Monday, March 12, 2007

Britain Uses Cameras to Track Every Car - Everywhere

Via Independent Online (Dec 2005) -

Britain is to become the first country in the world where the movements of all vehicles on the roads are recorded. A new national surveillance system will hold the records for at least two years.

Using a network of cameras that can automatically read every passing number plate, the plan is to build a huge database of vehicle movements so that the police and security services can analyse any journey a driver has made over several years.

The network will incorporate thousands of existing CCTV cameras which are being converted to read number plates automatically night and day to provide 24/7 coverage of all motorways and main roads, as well as towns, cities, ports and petrol-station forecourts.

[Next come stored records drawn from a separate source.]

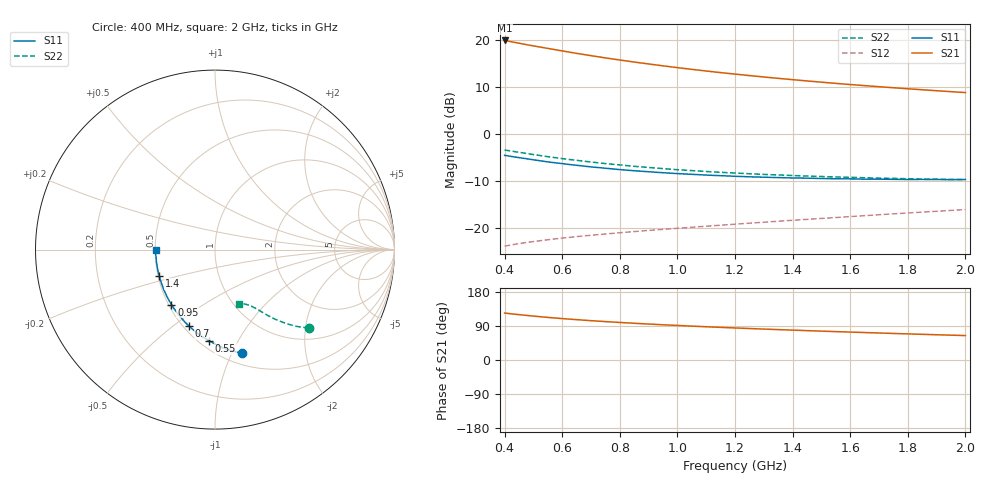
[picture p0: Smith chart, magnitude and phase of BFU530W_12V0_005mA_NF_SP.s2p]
! Filename:  P:\Prog\Test\Noise\ATS_data\Testdata_Net\06 Compressed Noise after Statistics\BFU530W_APM2013_09_A05_12p0V_005mA_NF_CM01_D.sf
! Date/Time: Tue 26/Mar/2013 18:06:02
! BFU530W_APM2013_09_A05_12p0V_1to25mA_NF_CM01_Bias4_R.sf
! Noise Parameter Data File
! BFU530W_APM2013_09_A05_12p0V_1to25mA_NF_CM01
! Date/time: Thu Mar 21 22:54:15 2013
! VAR V_out= 12.000000
! VAR I_out= 4.990000
! VAR V_in= 0.800900
! VAR I_in= 0.041905
! Device data file deembeded for feedlines and parallel
! Original file: \06 Compressed Noise after Statistics\BFU530W_APM2013_09_A05_12p0V_005mA_NF_CM01_R.sf
! Feed-files: PR019V01_070313_Feed1.s2p, PR019V01_070313_Feed2.s2p
! Parallel-file: PR019V01_070313_Par.s2p
# MHz S MA R 50
!  Freq-MHz  S11-mag  S11-arg  S21-mag  S21-arg  S12-mag  S12-arg  S22-mag  S22-arg
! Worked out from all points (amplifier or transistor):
!   37 points, 400 MHz to 2 GHz, reference 50 ohm
!   highest |S21| = 19.9 dB at 400 MHz (marker M1)
!   |S21| within 3 dB of that: start of sweep to 676.9 MHz
!   unconditionally stable (mu >= 1): 1.801 GHz to end of sweep
!   at 500 MHz: K = 0.50, MSG = 20.8 dB, |S12| = -22.8 dB
!   at 1.1 GHz: K = 0.84, MSG = 16.5 dB, |S12| = -19.5 dB
!   at 2 GHz: K = 1.01, MAG = 11.7 dB, |S12| = -16.0 dB
!   lowest NFmin = 0.62 dB at 420 MHz
!   S11 on the Smith chart (normalised r, x): 400 MHz: 0.61, -1.10; 550 MHz: 0.56, -0.77; 700 MHz: 0.53, -0.57; 950 MHz: 0.52, -0.37; 1.4 GHz: 0.51, -0.17; 2 GHz: 0.50, -0.00
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400  0.5971 -75.4  9.888 123.9  0.06488 56.7  0.6802 -39.8
420  0.5832 -78.1  9.627 122.1  0.06665 56.1  0.665 -40.8
440  0.5705 -80.7  9.374 120.5  0.06825 55.5  0.65 -41.7
480  0.5472 -85.7  8.881 117.4  0.07124 54.5  0.6224 -43.4
500  0.5354 -88.2  8.657 115.9  0.07262 54.1  0.6087 -44.1
550  0.5087 -93.7  8.144 112.4  0.07589 53.4  0.5782 -45.7
600  0.4876 -99.1  7.661 109.2  0.07904 52.8  0.551 -47.1
650  0.468 -103.9  7.213 106.5  0.08195 52.4  0.5285 -48.3
700  0.4501 -108.7  6.822 103.8  0.08466 52.2  0.5072 -49.5
750  0.4358 -113.0  6.457 101.4  0.08736 52.1  0.4881 -50.3
800  0.4214 -117.2  6.133 99.1  0.09009 52.1  0.4723 -51.2
850  0.4098 -121.2  5.837 96.9  0.09267 52.2  0.4567 -51.9
950  0.3903 -128.4  5.319 93.0  0.09785 52.5  0.4317 -53.3
1050  0.3755 -135.1  4.881 89.4  0.103 53.0  0.411 -54.5
1100  0.3687 -138.2  4.688 87.7  0.1057 53.3  0.4023 -55.1
1200  0.358 -144.2  4.347 84.6  0.111 53.9  0.3876 -56.2
1300  0.35 -149.7  4.051 81.6  0.1165 54.5  0.3746 -57.2
1400  0.3436 -154.8  3.793 78.8  0.1221 55.0  0.3644 -58.4
1500  0.339 -159.5  3.568 76.2  0.1278 55.5  0.356 -59.6
1650  0.3336 -166.2  3.279 72.5  0.1367 56.2  0.3453 -61.4
1750  0.3322 -170.2  3.115 70.1  0.1429 56.6  0.34 -62.6
2000  0.3311 -179.7  2.769 64.5  0.1587 57.3  0.3299 -66.1
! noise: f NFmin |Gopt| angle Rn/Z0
400  0.6486  0.1637  33.06  0.1142
460  0.6661  0.1613  38.68  0.1096
600  0.6749  0.1805  47.3  0.115
800  0.6927  0.1885  62.4  0.1117
1000  0.7571  0.2002  75.84  0.1036
1200  0.8025  0.2041  92.08  0.0981
1400  0.8107  0.2076  111.4  0.0923
1600  0.8274  0.2293  120.5  0.0788
1800  0.8698  0.2357  139  0.0748
2000  0.8808  0.2731  150.2  0.069

By next March a central database installed alongside the Police National Computer in Hendon, north London, will store the details of 35 million number-plate "reads" per day. These will include time, date and precise location, with camera sites monitored by global positioning satellites.

Already there are plans to extend the database by increasing the storage period to five years and by linking thousands of additional cameras so that details of up to 100 million number plates can be fed each day into the central databank.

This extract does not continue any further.